Accusations of Intimidation
 In response to mounting criticism Superintendent Collins has released an action plan, based on recommendations in the original Strategic Plan, and has pledged to “eliminate race, ethnicity, class, gender, and sexual orientation as predictors of academic performance, discipline, and co-curricular participation.”
     The steps she has described include strengthening complaint procedures, upgrading professional development, reorganizing administrative staffing to improve the handling of equity issues, improving retention of a more diverse staff, and creating an Equity Climate Team to monitor and follow up on incidents.
     Her critics say that they have heard such promises before and do not believe, based on its past performance, that the current administration is up to the challenges.
     In print and public statements Collins has repeatedly admitted that she missed opportunities, acted too slowly, and has been bureaucratic rather than heart-centered in her response. Beyond taking the steps outlined recently and refocusing her efforts, possibly under increased school board scrutiny, she therefore plans to spend more time actually interacting with students and teachers in the schools.
     But as Appel’s May 10 letter to the board suggests, while frank discussions and rhetorical commitment are hopeful signs they have happened before and leave some issues unacknowledged.  He argued, for example, that existing resources are not being smartly deployed, specifically asking why Diversity Director Dan Balon “appears to be being kept on the sidelines.”
     Confirming suspicions that some school administrators do not adhere to the superintendent’s zero tolerance standard, Appel also reported from “multiple credible sources” that Vice Principal Nick Molander tried to intimidate speakers after the May public forum.  According to Appel’s sources, Molander sought out several people of color and “in a confrontational manner informed them, in so many words, that their perspectives were not valid.  The perception of those who received this message from Mr. Molander was that he was attempting to intimidate them.”
     Appel informed the board bluntly that an administrator who does that “should not be in a school setting, and should have his licensure investigated.” If Molander behaves like this with adults, he added, “just imagine how overbearing and abuse he may well be one-on-one with a student of color in an unsupervised context.”
     Denying itself the option of an executive session to discuss personnel, evaluation and contract matters the school board did not get near this level of scrutiny in dealing with Collins responsibilities and contract. There were only indirect references to the difficulties of supervisory oversight and how to define board and management responsibilities.
     School board members meanwhile emphasized that equity issues were not the only matters bring addressed, in general or in relation to Collins’ tenure. As Jill Evans, one of several commissioners on the losing side of Wednesday’s votes, put it in a local newspaper column, the school board “is not exclusively concerned with race in its decision.” But the district does need “a visionary leader who can be proactive and take risks.”
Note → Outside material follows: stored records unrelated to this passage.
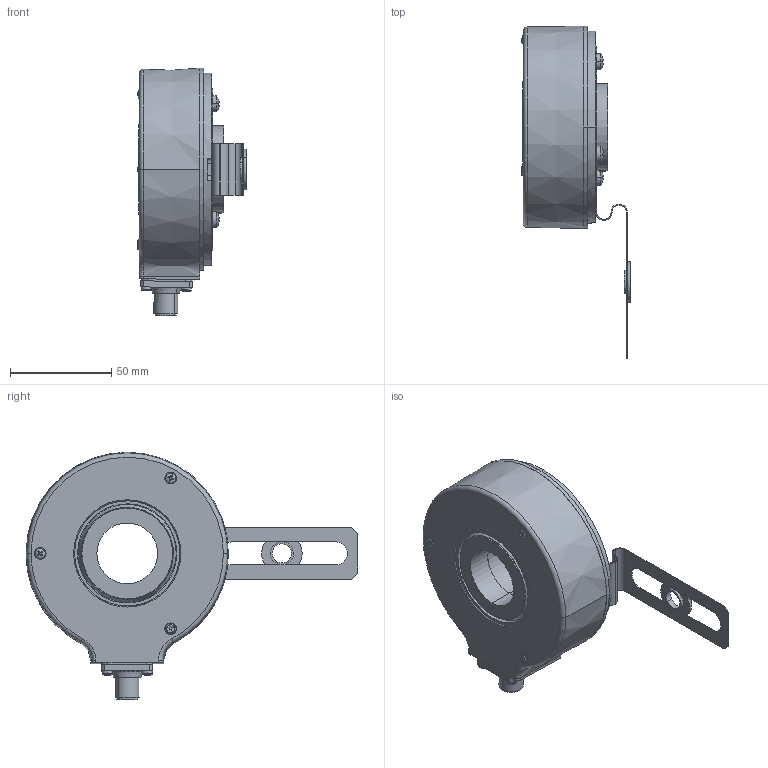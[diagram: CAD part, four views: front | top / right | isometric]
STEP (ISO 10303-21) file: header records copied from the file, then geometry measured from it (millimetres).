
FILE_DESCRIPTION (( 'STEP AP214' ), '1' );
FILE_NAME ('8.A020.5AXE.XXXX.STEP', '2014-11-12T11:56:06', ( 'LauferA' ), ( 'Microsoft' ), 'SwSTEP 2.0', 'SolidWorks 2013', '' );
FILE_SCHEMA (( 'AUTOMOTIVE_DESIGN' ));
Length unit declared in the file: millimetre
Products named in the file (1): 8.A020.5AXE.XXXX
Bounding box: 53.6 x 164 x 122.32 mm (x, y, z)
Volume: 175662.9 mm3; surface area: 107611.3 mm2
Topology: 25 solids, 25 shells, 992 faces, 2668 edges, 1657 vertices
Faces by surface type: plane 325, cylinder 317, cone 146, sphere 130, torus 62, bspline 12
Entity records: 44991 total; most frequent: CARTESIAN_POINT 10076, DIRECTION 5177, ORIENTED_EDGE 4724, EDGE_CURVE 2362, AXIS2_PLACEMENT_3D 2118, VERTEX_POINT 1497, EDGE_LOOP 1253, CIRCLE 1137

SUPERINTENDENT UNDER FIRE: After months of criticism, Burlington School Superintendent Jeanne Collins responded to charges she had ignored racism with new plans to move forward. But questions at a June 1 press conference centered on what went wrong and whether the School Board would extend her contract. Collins talked about bringing more of her heart into addressing harassment and racism, and Board Chair Keith Pillsbury was pressed about whether she is the right person to lead in the future. Two weeks later Collins received a contract extension.